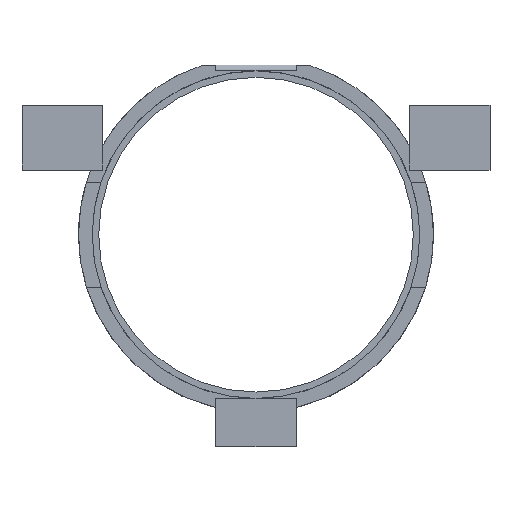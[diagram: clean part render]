
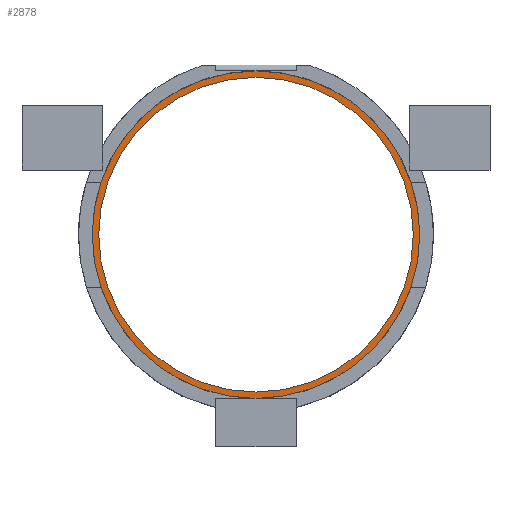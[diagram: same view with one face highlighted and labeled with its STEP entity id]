
A CAD part, top view. The second image highlights one B-rep face of the part: STEP entity #2878.
In plain terms, the highlighted planar face has unit normal (0, 0, 1).
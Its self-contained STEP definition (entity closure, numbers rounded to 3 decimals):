
#765 = CYLINDRICAL_SURFACE('',#766,20.3);
#766 = AXIS2_PLACEMENT_3D('',#767,#768,#769);
#767 = CARTESIAN_POINT('',(0.,43.,4.3));
#768 = DIRECTION('',(0.,-0.,-1.));
#769 = DIRECTION('',(0.,1.,0.));
#2001 = CYLINDRICAL_SURFACE('',#2002,19.5);
#2002 = AXIS2_PLACEMENT_3D('',#2003,#2004,#2005);
#2003 = CARTESIAN_POINT('',(0.,43.,3.5));
#2004 = DIRECTION('',(0.,-0.,-1.));
#2005 = DIRECTION('',(0.,1.,0.));
#2397 = VERTEX_POINT('',#2398);
#2398 = CARTESIAN_POINT('',(0.,63.3,4.3));
#2419 = EDGE_CURVE('',#2397,#2397,#2420,.T.);
#2420 = SURFACE_CURVE('',#2421,(#2426,#2433),.PCURVE_S1.);
#2421 = CIRCLE('',#2422,20.3);
#2422 = AXIS2_PLACEMENT_3D('',#2423,#2424,#2425);
#2423 = CARTESIAN_POINT('',(0.,43.,4.3));
#2424 = DIRECTION('',(0.,-0.,1.));
#2425 = DIRECTION('',(0.,1.,0.));
#2426 = PCURVE('',#765,#2427);
#2427 = DEFINITIONAL_REPRESENTATION('',(#2428),#2432);
#2428 = LINE('',#2429,#2430);
#2429 = CARTESIAN_POINT('',(-0.,0.));
#2430 = VECTOR('',#2431,1.);
#2431 = DIRECTION('',(-1.,0.));
#2432 = ( GEOMETRIC_REPRESENTATION_CONTEXT(2) 
PARAMETRIC_REPRESENTATION_CONTEXT() REPRESENTATION_CONTEXT('2D SPACE',''
  ) );
#2433 = PCURVE('',#2434,#2439);
#2434 = PLANE('',#2435);
#2435 = AXIS2_PLACEMENT_3D('',#2436,#2437,#2438);
#2436 = CARTESIAN_POINT('',(0.,43.,4.3));
#2437 = DIRECTION('',(0.,0.,1.));
#2438 = DIRECTION('',(0.,1.,0.));
#2439 = DEFINITIONAL_REPRESENTATION('',(#2440),#2444);
#2440 = CIRCLE('',#2441,20.3);
#2441 = AXIS2_PLACEMENT_2D('',#2442,#2443);
#2442 = CARTESIAN_POINT('',(0.,0.));
#2443 = DIRECTION('',(1.,0.));
#2444 = ( GEOMETRIC_REPRESENTATION_CONTEXT(2) 
PARAMETRIC_REPRESENTATION_CONTEXT() REPRESENTATION_CONTEXT('2D SPACE',''
  ) );
#2746 = VERTEX_POINT('',#2747);
#2747 = CARTESIAN_POINT('',(0.,62.5,4.3));
#2770 = EDGE_CURVE('',#2746,#2746,#2771,.T.);
#2771 = SURFACE_CURVE('',#2772,(#2777,#2784),.PCURVE_S1.);
#2772 = CIRCLE('',#2773,19.5);
#2773 = AXIS2_PLACEMENT_3D('',#2774,#2775,#2776);
#2774 = CARTESIAN_POINT('',(0.,43.,4.3));
#2775 = DIRECTION('',(0.,0.,-1.));
#2776 = DIRECTION('',(0.,1.,0.));
#2777 = PCURVE('',#2001,#2778);
#2778 = DEFINITIONAL_REPRESENTATION('',(#2779),#2783);
#2779 = LINE('',#2780,#2781);
#2780 = CARTESIAN_POINT('',(-6.283,-0.8));
#2781 = VECTOR('',#2782,1.);
#2782 = DIRECTION('',(1.,-0.));
#2783 = ( GEOMETRIC_REPRESENTATION_CONTEXT(2) 
PARAMETRIC_REPRESENTATION_CONTEXT() REPRESENTATION_CONTEXT('2D SPACE',''
  ) );
#2784 = PCURVE('',#2434,#2785);
#2785 = DEFINITIONAL_REPRESENTATION('',(#2786),#2794);
#2786 = ( BOUNDED_CURVE() B_SPLINE_CURVE(2,(#2787,#2788,#2789,#2790,
#2791,#2792,#2793),.UNSPECIFIED.,.T.,.F.) B_SPLINE_CURVE_WITH_KNOTS((1,2
    ,2,2,2,1),(-2.094,0.,2.094,4.189,
6.283,8.378),.UNSPECIFIED.) CURVE() 
GEOMETRIC_REPRESENTATION_ITEM() RATIONAL_B_SPLINE_CURVE((1.,0.5,1.,0.5,
1.,0.5,1.)) REPRESENTATION_ITEM('') );
#2787 = CARTESIAN_POINT('',(19.5,0.));
#2788 = CARTESIAN_POINT('',(19.5,-33.775));
#2789 = CARTESIAN_POINT('',(-9.75,-16.887));
#2790 = CARTESIAN_POINT('',(-39.,0.));
#2791 = CARTESIAN_POINT('',(-9.75,16.887));
#2792 = CARTESIAN_POINT('',(19.5,33.775));
#2793 = CARTESIAN_POINT('',(19.5,0.));
#2794 = ( GEOMETRIC_REPRESENTATION_CONTEXT(2) 
PARAMETRIC_REPRESENTATION_CONTEXT() REPRESENTATION_CONTEXT('2D SPACE',''
  ) );
#2878 = ADVANCED_FACE('',(#2879,#2882),#2434,.T.);
#2879 = FACE_BOUND('',#2880,.T.);
#2880 = EDGE_LOOP('',(#2881));
#2881 = ORIENTED_EDGE('',*,*,#2419,.T.);
#2882 = FACE_BOUND('',#2883,.T.);
#2883 = EDGE_LOOP('',(#2884));
#2884 = ORIENTED_EDGE('',*,*,#2770,.T.);

■ Your task ■
Without the pictures, retype the whole of the material above exactly.

■ Output of the exercise ■
[diagram: clean part render]
[diagram: same view with one face highlighted and labeled with its STEP entity id]
A CAD part, top view. The second image highlights one B-rep face of the part: STEP entity #2878.
In plain terms, the highlighted planar face has unit normal (0, 0, 1).
Its self-contained STEP definition (entity closure, numbers rounded to 3 decimals):
#765 = CYLINDRICAL_SURFACE('',#766,20.3);
#766 = AXIS2_PLACEMENT_3D('',#767,#768,#769);
#767 = CARTESIAN_POINT('',(0.,43.,4.3));
#768 = DIRECTION('',(0.,-0.,-1.));
#769 = DIRECTION('',(0.,1.,0.));
#2001 = CYLINDRICAL_SURFACE('',#2002,19.5);
#2002 = AXIS2_PLACEMENT_3D('',#2003,#2004,#2005);
#2003 = CARTESIAN_POINT('',(0.,43.,3.5));
#2004 = DIRECTION('',(0.,-0.,-1.));
#2005 = DIRECTION('',(0.,1.,0.));
#2397 = VERTEX_POINT('',#2398);
#2398 = CARTESIAN_POINT('',(0.,63.3,4.3));
#2419 = EDGE_CURVE('',#2397,#2397,#2420,.T.);
#2420 = SURFACE_CURVE('',#2421,(#2426,#2433),.PCURVE_S1.);
#2421 = CIRCLE('',#2422,20.3);
#2422 = AXIS2_PLACEMENT_3D('',#2423,#2424,#2425);
#2423 = CARTESIAN_POINT('',(0.,43.,4.3));
#2424 = DIRECTION('',(0.,-0.,1.));
#2425 = DIRECTION('',(0.,1.,0.));
#2426 = PCURVE('',#765,#2427);
#2427 = DEFINITIONAL_REPRESENTATION('',(#2428),#2432);
#2428 = LINE('',#2429,#2430);
#2429 = CARTESIAN_POINT('',(-0.,0.));
#2430 = VECTOR('',#2431,1.);
#2431 = DIRECTION('',(-1.,0.));
#2432 = ( GEOMETRIC_REPRESENTATION_CONTEXT(2) 
PARAMETRIC_REPRESENTATION_CONTEXT() REPRESENTATION_CONTEXT('2D SPACE',''
  ) );
#2433 = PCURVE('',#2434,#2439);
#2434 = PLANE('',#2435);
#2435 = AXIS2_PLACEMENT_3D('',#2436,#2437,#2438);
#2436 = CARTESIAN_POINT('',(0.,43.,4.3));
#2437 = DIRECTION('',(0.,0.,1.));
#2438 = DIRECTION('',(0.,1.,0.));
#2439 = DEFINITIONAL_REPRESENTATION('',(#2440),#2444);
#2440 = CIRCLE('',#2441,20.3);
#2441 = AXIS2_PLACEMENT_2D('',#2442,#2443);
#2442 = CARTESIAN_POINT('',(0.,0.));
#2443 = DIRECTION('',(1.,0.));
#2444 = ( GEOMETRIC_REPRESENTATION_CONTEXT(2) 
PARAMETRIC_REPRESENTATION_CONTEXT() REPRESENTATION_CONTEXT('2D SPACE',''
  ) );
#2746 = VERTEX_POINT('',#2747);
#2747 = CARTESIAN_POINT('',(0.,62.5,4.3));
#2770 = EDGE_CURVE('',#2746,#2746,#2771,.T.);
#2771 = SURFACE_CURVE('',#2772,(#2777,#2784),.PCURVE_S1.);
#2772 = CIRCLE('',#2773,19.5);
#2773 = AXIS2_PLACEMENT_3D('',#2774,#2775,#2776);
#2774 = CARTESIAN_POINT('',(0.,43.,4.3));
#2775 = DIRECTION('',(0.,0.,-1.));
#2776 = DIRECTION('',(0.,1.,0.));
#2777 = PCURVE('',#2001,#2778);
#2778 = DEFINITIONAL_REPRESENTATION('',(#2779),#2783);
#2779 = LINE('',#2780,#2781);
#2780 = CARTESIAN_POINT('',(-6.283,-0.8));
#2781 = VECTOR('',#2782,1.);
#2782 = DIRECTION('',(1.,-0.));
#2783 = ( GEOMETRIC_REPRESENTATION_CONTEXT(2) 
PARAMETRIC_REPRESENTATION_CONTEXT() REPRESENTATION_CONTEXT('2D SPACE',''
  ) );
#2784 = PCURVE('',#2434,#2785);
#2785 = DEFINITIONAL_REPRESENTATION('',(#2786),#2794);
#2786 = ( BOUNDED_CURVE() B_SPLINE_CURVE(2,(#2787,#2788,#2789,#2790,
#2791,#2792,#2793),.UNSPECIFIED.,.T.,.F.) B_SPLINE_CURVE_WITH_KNOTS((1,2
    ,2,2,2,1),(-2.094,0.,2.094,4.189,
6.283,8.378),.UNSPECIFIED.) CURVE() 
GEOMETRIC_REPRESENTATION_ITEM() RATIONAL_B_SPLINE_CURVE((1.,0.5,1.,0.5,
1.,0.5,1.)) REPRESENTATION_ITEM('') );
#2787 = CARTESIAN_POINT('',(19.5,0.));
#2788 = CARTESIAN_POINT('',(19.5,-33.775));
#2789 = CARTESIAN_POINT('',(-9.75,-16.887));
#2790 = CARTESIAN_POINT('',(-39.,0.));
#2791 = CARTESIAN_POINT('',(-9.75,16.887));
#2792 = CARTESIAN_POINT('',(19.5,33.775));
#2793 = CARTESIAN_POINT('',(19.5,0.));
#2794 = ( GEOMETRIC_REPRESENTATION_CONTEXT(2) 
PARAMETRIC_REPRESENTATION_CONTEXT() REPRESENTATION_CONTEXT('2D SPACE',''
  ) );
#2878 = ADVANCED_FACE('',(#2879,#2882),#2434,.T.);
#2879 = FACE_BOUND('',#2880,.T.);
#2880 = EDGE_LOOP('',(#2881));
#2881 = ORIENTED_EDGE('',*,*,#2419,.T.);
#2882 = FACE_BOUND('',#2883,.T.);
#2883 = EDGE_LOOP('',(#2884));
#2884 = ORIENTED_EDGE('',*,*,#2770,.T.);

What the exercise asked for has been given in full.